Max Non-negative subarray sum
EasyUpdated: Aug 17, 2025
Practice on:
Problem
Find out the maximum sub-array of non negative numbers from an array. The sub-array should be continuous. That is, a sub-array created by choosing the second and fourth element and skipping the third element is invalid.
Maximum sub-array is defined in terms of the sum of the elements in the sub-array. Sub-array A is greater than sub-array B if sum(A) > sum(B).
Examples
Example 1
Input: [1, 2, 5, -7, 2, 3]
Output: [1, 2, 5]
Explanation: The two sub-arrays are [1, 2, 5] and [2, 3]. The answer is [1, 2, 5] as its sum is larger than [2, 3].
Notes
- If there is a tie, then compare with segment's length and return segment which has maximum length.
- If there is still a tie, then return the segment with minimum starting index.
Solution
Method 1 – Brute Force
Intuition
Try every possible subarray and check if it is non-negative. Track the one with the largest sum, breaking ties by length and then by starting index.
Approach
- For every possible subarray, check if all elements are non-negative.
- If so, compute its sum and compare to the best found so far (using sum, then length, then starting index as tiebreakers).
- Return the best subarray found.
Code
Python
class Solution:
def maxset(self, A: List[int]) -> List[int]:
n = len(A)
best = []
for i in range(n):
for j in range(i, n):
if all(x >= 0 for x in A[i:j+1]):
s = sum(A[i:j+1])
if (not best or s > sum(best) or
(s == sum(best) and (j-i+1 > len(best) or
(j-i+1 == len(best) and i < A.index(best[0]))))):
best = A[i:j+1]
return best
Complexity
- ⏰ Time complexity:
O(n^3)— All subarrays are checked and each is validated for non-negativity. - 🧺 Space complexity:
O(1)— Only a few variables are used.
Method 2 – Linear Scan
Intuition
Scan the array once, tracking the current non-negative segment and updating the best segment found so far using the required tiebreakers.
Approach
- Initialize variables to track the best segment (sum, length, start index) and the current segment.
- Iterate through the array:
- If the current element is non-negative, add it to the current segment.
- If it is negative, reset the current segment.
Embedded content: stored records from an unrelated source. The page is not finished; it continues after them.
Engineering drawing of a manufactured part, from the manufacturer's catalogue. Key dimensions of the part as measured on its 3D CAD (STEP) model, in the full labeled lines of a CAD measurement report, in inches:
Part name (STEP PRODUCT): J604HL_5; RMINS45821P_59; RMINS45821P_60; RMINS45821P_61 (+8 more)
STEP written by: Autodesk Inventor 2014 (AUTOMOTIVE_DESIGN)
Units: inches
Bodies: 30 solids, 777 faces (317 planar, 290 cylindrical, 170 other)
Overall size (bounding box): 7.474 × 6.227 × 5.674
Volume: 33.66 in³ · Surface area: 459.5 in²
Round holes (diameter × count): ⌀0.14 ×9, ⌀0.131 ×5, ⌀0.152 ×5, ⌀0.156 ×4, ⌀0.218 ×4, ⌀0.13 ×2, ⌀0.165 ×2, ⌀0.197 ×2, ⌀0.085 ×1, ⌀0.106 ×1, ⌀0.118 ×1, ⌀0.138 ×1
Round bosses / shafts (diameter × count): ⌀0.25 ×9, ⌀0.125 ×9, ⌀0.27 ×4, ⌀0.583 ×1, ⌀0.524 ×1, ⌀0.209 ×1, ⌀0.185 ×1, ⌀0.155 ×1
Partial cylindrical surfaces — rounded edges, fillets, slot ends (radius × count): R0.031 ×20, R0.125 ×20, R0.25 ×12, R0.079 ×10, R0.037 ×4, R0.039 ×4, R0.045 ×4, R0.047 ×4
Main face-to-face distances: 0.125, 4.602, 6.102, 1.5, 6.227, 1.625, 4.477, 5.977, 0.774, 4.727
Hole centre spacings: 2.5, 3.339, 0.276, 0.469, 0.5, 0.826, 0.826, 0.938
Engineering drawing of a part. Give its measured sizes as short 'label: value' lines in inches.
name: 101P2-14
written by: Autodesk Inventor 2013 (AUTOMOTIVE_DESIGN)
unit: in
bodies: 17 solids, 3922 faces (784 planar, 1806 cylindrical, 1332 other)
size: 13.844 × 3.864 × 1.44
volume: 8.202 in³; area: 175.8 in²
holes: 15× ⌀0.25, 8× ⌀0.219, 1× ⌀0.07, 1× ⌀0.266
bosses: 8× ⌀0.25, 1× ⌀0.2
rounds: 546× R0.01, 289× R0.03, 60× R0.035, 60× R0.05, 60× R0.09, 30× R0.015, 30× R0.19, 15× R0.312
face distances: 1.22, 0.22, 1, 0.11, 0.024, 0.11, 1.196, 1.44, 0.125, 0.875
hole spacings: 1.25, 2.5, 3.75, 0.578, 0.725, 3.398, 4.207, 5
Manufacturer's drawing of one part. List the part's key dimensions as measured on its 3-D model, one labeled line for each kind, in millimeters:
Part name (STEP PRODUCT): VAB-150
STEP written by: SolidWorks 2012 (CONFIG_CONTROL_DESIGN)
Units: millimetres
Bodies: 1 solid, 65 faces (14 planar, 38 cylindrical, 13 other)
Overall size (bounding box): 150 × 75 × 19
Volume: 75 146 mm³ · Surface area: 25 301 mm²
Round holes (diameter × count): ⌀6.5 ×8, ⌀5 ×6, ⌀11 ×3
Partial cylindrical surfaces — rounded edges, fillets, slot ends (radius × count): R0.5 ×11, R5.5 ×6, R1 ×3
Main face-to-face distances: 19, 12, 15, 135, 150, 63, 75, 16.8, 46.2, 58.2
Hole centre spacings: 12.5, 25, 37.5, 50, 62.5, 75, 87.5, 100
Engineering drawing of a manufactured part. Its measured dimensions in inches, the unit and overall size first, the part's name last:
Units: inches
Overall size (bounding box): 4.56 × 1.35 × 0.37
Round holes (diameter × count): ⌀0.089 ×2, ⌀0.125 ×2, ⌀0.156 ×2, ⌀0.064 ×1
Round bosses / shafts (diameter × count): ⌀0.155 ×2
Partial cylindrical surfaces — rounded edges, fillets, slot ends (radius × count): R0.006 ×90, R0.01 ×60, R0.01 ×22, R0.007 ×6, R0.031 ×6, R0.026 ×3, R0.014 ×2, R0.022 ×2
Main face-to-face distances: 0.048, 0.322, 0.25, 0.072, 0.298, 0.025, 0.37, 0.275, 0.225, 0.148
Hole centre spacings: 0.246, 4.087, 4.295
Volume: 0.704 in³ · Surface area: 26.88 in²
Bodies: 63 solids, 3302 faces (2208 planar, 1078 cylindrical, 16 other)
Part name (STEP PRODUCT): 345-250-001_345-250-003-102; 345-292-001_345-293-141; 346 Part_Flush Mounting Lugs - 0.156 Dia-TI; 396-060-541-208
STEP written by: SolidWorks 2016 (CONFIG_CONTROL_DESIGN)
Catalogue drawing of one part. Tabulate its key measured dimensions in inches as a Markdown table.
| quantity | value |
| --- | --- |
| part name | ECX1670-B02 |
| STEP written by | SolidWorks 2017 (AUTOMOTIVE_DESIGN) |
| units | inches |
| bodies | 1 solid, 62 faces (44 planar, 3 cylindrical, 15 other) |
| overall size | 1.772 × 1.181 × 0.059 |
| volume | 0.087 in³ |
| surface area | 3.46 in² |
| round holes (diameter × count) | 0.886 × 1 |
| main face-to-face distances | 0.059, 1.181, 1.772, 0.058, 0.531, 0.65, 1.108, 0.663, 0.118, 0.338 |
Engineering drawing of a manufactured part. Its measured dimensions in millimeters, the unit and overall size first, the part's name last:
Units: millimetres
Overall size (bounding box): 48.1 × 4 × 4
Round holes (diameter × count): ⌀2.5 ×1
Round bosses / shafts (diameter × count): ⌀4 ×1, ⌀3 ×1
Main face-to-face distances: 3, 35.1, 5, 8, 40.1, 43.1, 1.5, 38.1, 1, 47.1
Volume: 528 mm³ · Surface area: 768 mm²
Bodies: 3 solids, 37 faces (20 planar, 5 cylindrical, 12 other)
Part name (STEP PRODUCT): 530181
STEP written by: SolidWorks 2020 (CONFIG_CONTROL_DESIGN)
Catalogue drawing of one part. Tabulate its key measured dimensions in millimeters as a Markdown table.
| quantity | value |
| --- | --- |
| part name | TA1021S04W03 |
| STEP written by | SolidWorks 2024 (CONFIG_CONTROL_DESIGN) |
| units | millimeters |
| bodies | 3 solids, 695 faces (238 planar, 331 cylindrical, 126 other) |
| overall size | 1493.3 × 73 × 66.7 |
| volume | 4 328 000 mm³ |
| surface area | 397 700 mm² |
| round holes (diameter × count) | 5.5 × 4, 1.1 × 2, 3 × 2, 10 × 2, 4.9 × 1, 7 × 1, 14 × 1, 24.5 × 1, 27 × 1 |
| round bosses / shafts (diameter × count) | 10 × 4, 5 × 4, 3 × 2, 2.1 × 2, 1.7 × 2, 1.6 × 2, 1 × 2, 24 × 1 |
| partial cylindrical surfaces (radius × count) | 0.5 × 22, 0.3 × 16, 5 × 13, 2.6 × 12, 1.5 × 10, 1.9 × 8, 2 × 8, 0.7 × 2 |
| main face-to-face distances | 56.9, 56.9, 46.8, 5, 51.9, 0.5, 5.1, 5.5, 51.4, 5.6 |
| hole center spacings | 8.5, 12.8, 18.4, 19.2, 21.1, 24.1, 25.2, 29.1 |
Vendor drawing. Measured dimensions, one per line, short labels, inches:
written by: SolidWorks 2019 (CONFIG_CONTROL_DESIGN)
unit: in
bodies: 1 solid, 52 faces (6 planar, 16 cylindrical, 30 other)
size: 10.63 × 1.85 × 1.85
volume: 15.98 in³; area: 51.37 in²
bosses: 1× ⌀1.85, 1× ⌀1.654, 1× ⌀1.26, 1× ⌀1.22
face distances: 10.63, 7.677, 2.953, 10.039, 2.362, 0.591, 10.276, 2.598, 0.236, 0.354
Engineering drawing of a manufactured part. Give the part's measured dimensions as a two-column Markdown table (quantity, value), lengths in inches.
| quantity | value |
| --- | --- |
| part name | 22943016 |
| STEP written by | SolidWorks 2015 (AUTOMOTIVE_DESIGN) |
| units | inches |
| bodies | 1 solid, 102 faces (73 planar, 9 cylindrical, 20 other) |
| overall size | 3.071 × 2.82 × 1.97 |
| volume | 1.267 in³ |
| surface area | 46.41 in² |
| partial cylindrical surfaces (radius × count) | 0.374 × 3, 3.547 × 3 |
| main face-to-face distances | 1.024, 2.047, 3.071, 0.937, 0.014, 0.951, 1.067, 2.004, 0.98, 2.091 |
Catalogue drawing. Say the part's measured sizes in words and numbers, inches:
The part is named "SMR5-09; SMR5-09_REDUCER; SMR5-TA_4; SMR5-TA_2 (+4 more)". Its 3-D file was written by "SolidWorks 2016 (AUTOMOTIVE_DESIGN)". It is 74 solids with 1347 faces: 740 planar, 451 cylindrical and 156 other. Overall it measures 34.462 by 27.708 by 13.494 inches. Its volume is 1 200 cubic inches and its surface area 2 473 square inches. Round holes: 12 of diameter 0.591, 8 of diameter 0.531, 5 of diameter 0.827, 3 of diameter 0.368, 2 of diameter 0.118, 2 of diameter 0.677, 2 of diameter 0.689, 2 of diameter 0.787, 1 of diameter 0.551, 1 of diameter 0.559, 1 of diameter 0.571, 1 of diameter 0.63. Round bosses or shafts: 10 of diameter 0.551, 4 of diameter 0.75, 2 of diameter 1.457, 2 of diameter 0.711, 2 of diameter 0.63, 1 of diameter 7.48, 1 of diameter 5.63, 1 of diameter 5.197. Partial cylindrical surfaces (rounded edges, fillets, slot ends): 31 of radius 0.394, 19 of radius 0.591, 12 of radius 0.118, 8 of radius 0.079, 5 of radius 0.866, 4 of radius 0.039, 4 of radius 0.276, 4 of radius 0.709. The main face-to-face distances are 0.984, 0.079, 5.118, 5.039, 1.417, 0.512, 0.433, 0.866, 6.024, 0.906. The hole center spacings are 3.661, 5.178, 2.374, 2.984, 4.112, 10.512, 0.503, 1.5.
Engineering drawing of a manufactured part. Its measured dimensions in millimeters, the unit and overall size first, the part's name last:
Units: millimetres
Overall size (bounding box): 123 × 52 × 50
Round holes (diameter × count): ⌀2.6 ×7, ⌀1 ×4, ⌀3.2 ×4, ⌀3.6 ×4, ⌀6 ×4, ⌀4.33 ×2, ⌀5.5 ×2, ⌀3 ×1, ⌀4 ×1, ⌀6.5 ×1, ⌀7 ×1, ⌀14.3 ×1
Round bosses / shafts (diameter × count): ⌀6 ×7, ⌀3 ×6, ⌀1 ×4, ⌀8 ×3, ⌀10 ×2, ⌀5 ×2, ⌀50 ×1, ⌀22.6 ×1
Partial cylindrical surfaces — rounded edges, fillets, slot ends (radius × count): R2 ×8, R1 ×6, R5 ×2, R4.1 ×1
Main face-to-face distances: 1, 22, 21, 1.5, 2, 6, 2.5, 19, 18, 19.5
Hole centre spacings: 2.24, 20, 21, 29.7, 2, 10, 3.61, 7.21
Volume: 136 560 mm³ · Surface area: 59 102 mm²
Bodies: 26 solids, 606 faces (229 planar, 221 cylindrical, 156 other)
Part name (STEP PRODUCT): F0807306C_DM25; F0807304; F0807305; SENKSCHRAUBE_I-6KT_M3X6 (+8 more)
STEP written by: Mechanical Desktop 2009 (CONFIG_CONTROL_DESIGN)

- After each update, check if the current segment is better than the best so far (using sum, then length, then start index).
- Return the best segment found.
Code
C++
class Solution {
public:
vector<int> maxset(vector<int> &A) {
long maxSum = -1, sum = 0;
int start = 0, bestStart = -1, bestLen = 0, len = 0;
for (int i = 0; i < (int)A.size(); ++i) {
if (A[i] >= 0) {
sum += A[i];
len++;
if (sum > maxSum || (sum == maxSum && len > bestLen)) {
maxSum = sum;
bestStart = start;
bestLen = len;
}
} else {
sum = 0;
len = 0;
start = i + 1;
}
}
if (bestStart == -1) return {};
return vector<int>(A.begin() + bestStart, A.begin() + bestStart + bestLen);
}
};
Java
class Solution {
public ArrayList<Integer> maxset(ArrayList<Integer> A) {
long maxSum = -1, sum = 0;
int start = 0, bestStart = -1, bestLen = 0, len = 0;
for (int i = 0; i < A.size(); i++) {
if (A.get(i) >= 0) {
sum += A.get(i);
len++;
if (sum > maxSum || (sum == maxSum && len > bestLen)) {
maxSum = sum;
bestStart = start;
bestLen = len;
}
} else {
sum = 0;
len = 0;
start = i + 1;
}
}
ArrayList<Integer> ans = new ArrayList<>();
if (bestStart == -1) return ans;
for (int i = bestStart; i < bestStart + bestLen; i++) ans.add(A.get(i));
return ans;
}
}
Python
from typing import List
class Solution:
def maxset(self, A: List[int]) -> List[int]:
max_sum = -1
sum_ = 0
start = 0
best_start = -1
best_len = 0
len_ = 0
for i, x in enumerate(A):
if x >= 0:
sum_ += x
len_ += 1
if sum_ > max_sum or (sum_ == max_sum and len_ > best_len):
max_sum = sum_
best_start = start
best_len = len_
else:
sum_ = 0
len_ = 0
start = i + 1
if best_start == -1:
return []
return A[best_start:best_start+best_len]
Complexity
- ⏰ Time complexity:
O(n)— The array is scanned once. - 🧺 Space complexity:
O(1)— Only a few variables are used.